# CONDITION_OCCURRENCE

See [condition_occurrence](https://ohdsi.github.io/CommonDataModel/cdm54.html#condition_occurence). 

This table records events that suggest the presence of a diagnosis, symptom, or other sign of disease. It can be reported by the patient or by a professional.

```{mermaid}
erDiagram
    OMOP_CONDITION_OCCURRENCE {
        integer condition_occurence_id
        integer person_id
        integer condition_concept_id
        date condition_start_date
        datetime condition_start_datetime
        date condition_end_date
        datetime condition_end_datetime
        integer condition_type_concept_id
        integer condition_staus_concept_id
        varchar(20) stop_reason
        integer provider_id
        integer visit_occurence_id
        integer visit_detail_id
        varchar(50) condition_source_value
        integer condition_source_concept_id
        varchar(50) condition_status_source_value
    }
```

The execution of the stage is performed by the file [genomop_condition_occurrence.py](../example/genomop_condition_occurrence.py). 

This script performs the following steps:
1. Loads parameters
2. Loads vocabulary tables
3. Loads each file
   1. Assign a new `vocabulary_id` column if needed. See `append_vocabulary` parameter.
   2. Rename the column containing the conditions names or codes to `source_value`. See `column_map` parameter.
   3. Maps source codes to a specific column in the CONCEPT table to retrieve the `source_concept_id`. See `vocabulary_config` parameter.
4. Creates a single table with all files.
5. Maps the `source_concept_id` to the corresponding standard `concept_id`.
6. Creates the primary key of the table: `condition_occurrence_id`.
7. Finds any entries that are contained within a visit in the VISIT_OCCURRENCE table and assigns the corresponding `visit_occurrence_id`.
8. Adapt the table to the schema of the CONDITION_OCCURRENCE table.
9. Saves the omop table to the defined output folder.
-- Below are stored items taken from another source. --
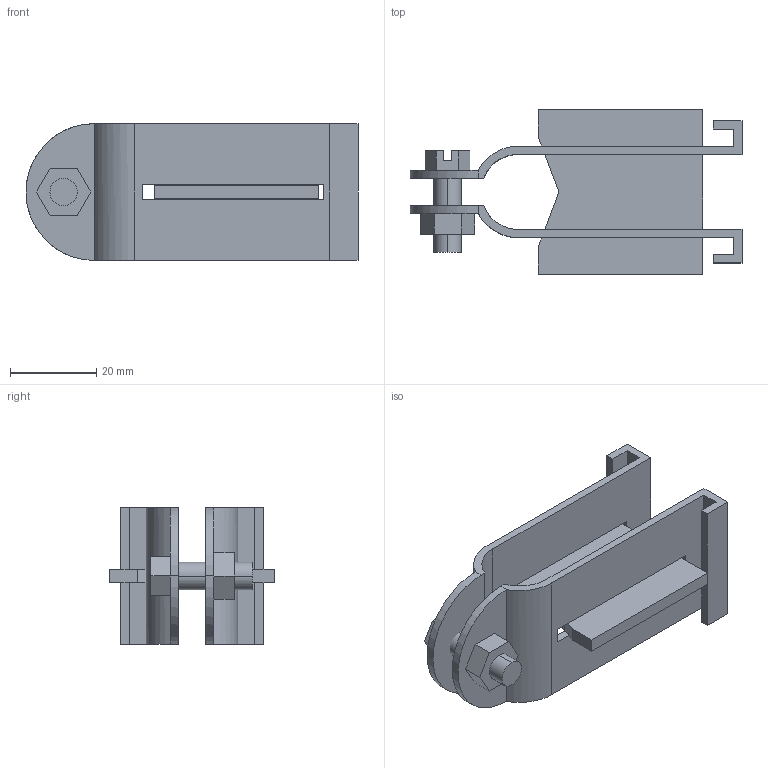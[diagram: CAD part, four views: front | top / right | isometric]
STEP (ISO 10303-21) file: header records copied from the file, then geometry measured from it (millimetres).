
FILE_DESCRIPTION(('TurboCAD Mac Pro'),'Build 980');
FILE_NAME('P1563.stp',' ',(''),(''),'ACIS Interop','IMSI','TurboCAD Mac Pro BY IMSI, INCORPORATED');
FILE_SCHEMA(('automotive_design'));
Length unit declared in the file: inch
Products named in the file (7): 1; 2; 3; 4; 5; 6; 7
Bounding box: 77.03 x 38.12 x 31.74 mm (x, y, z)
Volume: 15505 mm3; surface area: 16039.5 mm2
Topology: 6 solids, 6 shells, 81 faces, 207 edges, 138 vertices
Faces by surface type: plane 65, bspline 16
Entity records: 4439 total; most frequent: CARTESIAN_POINT 701, ORIENTED_EDGE 414, DIRECTION 331, STYLED_ITEM 276, PRESENTATION_STYLE_ASSIGNMENT 276, COLOUR_RGB 276, EDGE_CURVE 207, CURVE_STYLE 189
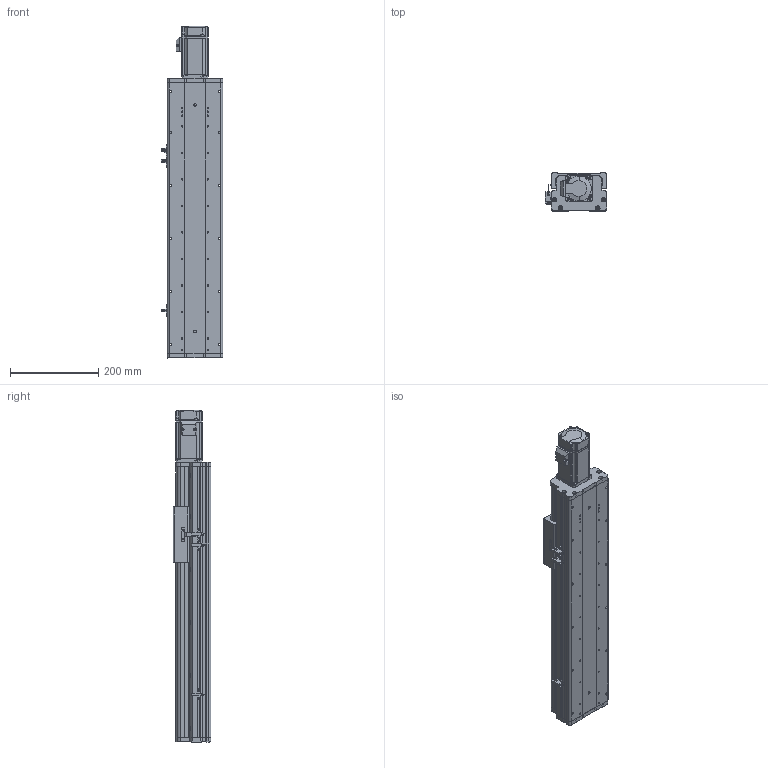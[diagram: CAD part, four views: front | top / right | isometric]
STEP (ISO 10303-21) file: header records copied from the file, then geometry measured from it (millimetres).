
FILE_DESCRIPTION (( 'STEP AP214' ), '1' );
FILE_NAME ('KSD125S-S350-MN-CM.STEP', '2017-08-07T06:09:54', ( '微软用户' ), ( '微软中国' ), 'SwSTEP 2.0', 'SolidWorks 2014', '' );
FILE_SCHEMA (( 'AUTOMOTIVE_DESIGN' ));
Length unit declared in the file: millimetre
Products named in the file (12): 覜茼え68遵圉猾敕; U倰嫖萇假蚾璃; U倰嫖萇EEㄜSX672; KSD125-賑雄釱1; CS-34X32-10X14; 125-帣傷啣1; KSD125S-S350-MN-CM; KSD125S-350行程丝杆防尘盖-直连不带电机座; KSD125S-350行程丝杆底板-直连不带电机座; 125宽模组 - 直连不带电机座电机安装板; MHMD042G1CA_2_03; 拸萇儂釱滅袉菜
Assembly tree (15 placements, depth 2):
  KSD125S-S350-MN-CM
    125-帣傷啣1
    CS-34X32-10X14
    KSD125-賑雄釱1
    U倰嫖萇EEㄜSX672  x3
    U倰嫖萇假蚾璃  x3
    覜茼え68遵圉猾敕
    拸萇儂釱滅袉菜
    MHMD042G1CA_2_03
    125宽模组 - 直连不带电机座电机安装板
    KSD125S-350行程丝杆底板-直连不带电机座
    KSD125S-350行程丝杆防尘盖-直连不带电机座
Bounding box: 138.7 x 86 x 751.5 mm (x, y, z)
Volume: 2251822.9 mm3; surface area: 751924.1 mm2
Topology: 14 solids, 17 shells, 1428 faces, 4131 edges, 2717 vertices
Faces by surface type: cylinder 700, plane 615, cone 91, bspline 22
Entity records: 50100 total; most frequent: CARTESIAN_POINT 10746, DIRECTION 7083, ORIENTED_EDGE 6770, EDGE_CURVE 3463, AXIS2_PLACEMENT_3D 2588, VERTEX_POINT 2309, VECTOR 1907, LINE 1907
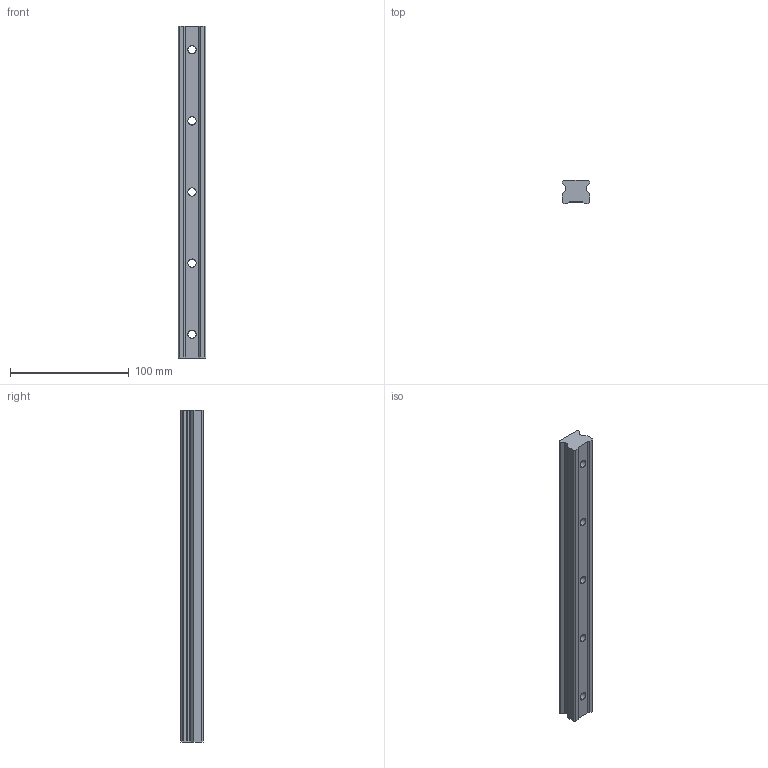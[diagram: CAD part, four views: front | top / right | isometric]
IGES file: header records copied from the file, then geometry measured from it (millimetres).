
Start section: SolidWorks IGES file using analytic representation for surfaces
Global section: file name: C:\Users\IanO\Desktop\L1016_v2\L1016.BL25_v2\L1016.BL25_v2_20160611_IGES\L1016.BL25-0280.igs; native system: SolidWorks 2017; preprocessor: SolidWorks 2017; author: IanO; date: 190612.130424; units: millimetre
Bounding box: 23 x 19.2 x 280 mm (x, y, z)
Surface area: 27326.3 mm2 (no closed solid volume)
Topology: 0 solids, 0 shells, 51 faces, 888 edges, 888 vertices
Faces by surface type: bspline 27, revolution 24

The configuration file will be [genomop_condition_occurrence_params.yaml](../example/genomop_condition_occurrence_params.yaml). It must have the following structure:

```yaml
input_dir: preomop/03_omop_initial/
output_dir: preomop/04_omop_intermediate/CONDITION_OCCURRENCE/
input_files:
  - 02_Patologias_BPS.parquet
vocab_dir: raw/omop_vocab/
visit_dir: preomop/04_omop_intermediate/VISIT_OCCURRENCE/
fallback_vocabs:
  ICD10CM: concept_code
  ICD9CM: concept_code
append_vocabulary:
  02_Patologias_BPS.parquet: BPS Pathology
column_map:
  02_Patologias_BPS.parquet:
    desc_patologia: source_value
vocabulary_config:
  02_Patologias_BPS.parquet: 
    BPS Pathology: concept_name
```

The parameters are:
- `input_dir` is the path from `data_dir` to the directory where input data is.
- `output_dir` is the path from `data_dir` to the directory where data will be saved to.
- `input_files` is the list of files, as paths from `data_dir / input_dir`, to be used.
- `vocab_dir` is the path from `data_dir` to the directory where the vocabulary tables (CONCEPT, CONCEPT_RELATIONSHIP, etc.) are.
- `visit_dir` is the path from `data_dir` to the directory where the VISIT_OCCURRENCE table is.
- `fallback_vocabs` is an **optional** parameter used in case there are source values that could not be mapped. It contains a dict where keys are vocabularies and values are:
  - `concept_code` to map to concept_codes within the vocabulary.
  - `concept_name` to map to concept_names within the vocabulary.
- `append_vocabulary` is a dict that defines, for each file in `input_files`, the name of the vocabulary to be added as a new uniform column.
  - i.e. a new column, `vocabulary_id`, will be added to the table with the provided value for every row.
  - This entry is not mandatory.
- `column_map` is a dict that defines, for each file in `input_files`, the column that will be renamed to `source_value` to perform the identification of codes in the CONCEPT table.
  - It can be used to rename any other column if needed.
- `vocabulary_config` is a dict that defines, for each file in `input_files`, how to perform the mapping from each vocabulary to the concept_table
  - Defines a map between each vocabulary present in the file (key) and what column in the CONCEPT table, i.e. concept_name or concept_code, should be used for mapping (value).
  - Each source_value has to be mapped to a concept in the CONCEPT table. Usually the source values are either descriptors (which map to concept_name), or codes (which map to concept_code)

Important notes:
- The parameters `input_dir` and `output_dir` are defined in relation to the `data_dir` folder defined in the `.env` file. 
- Even though mapping from multiple vocabularies is allowed with the `vocabulary_config` parameter, the assignation of multiple `vocabulary_id` values cannot currently be performed here and has to be done in the `process_rare_files` stage.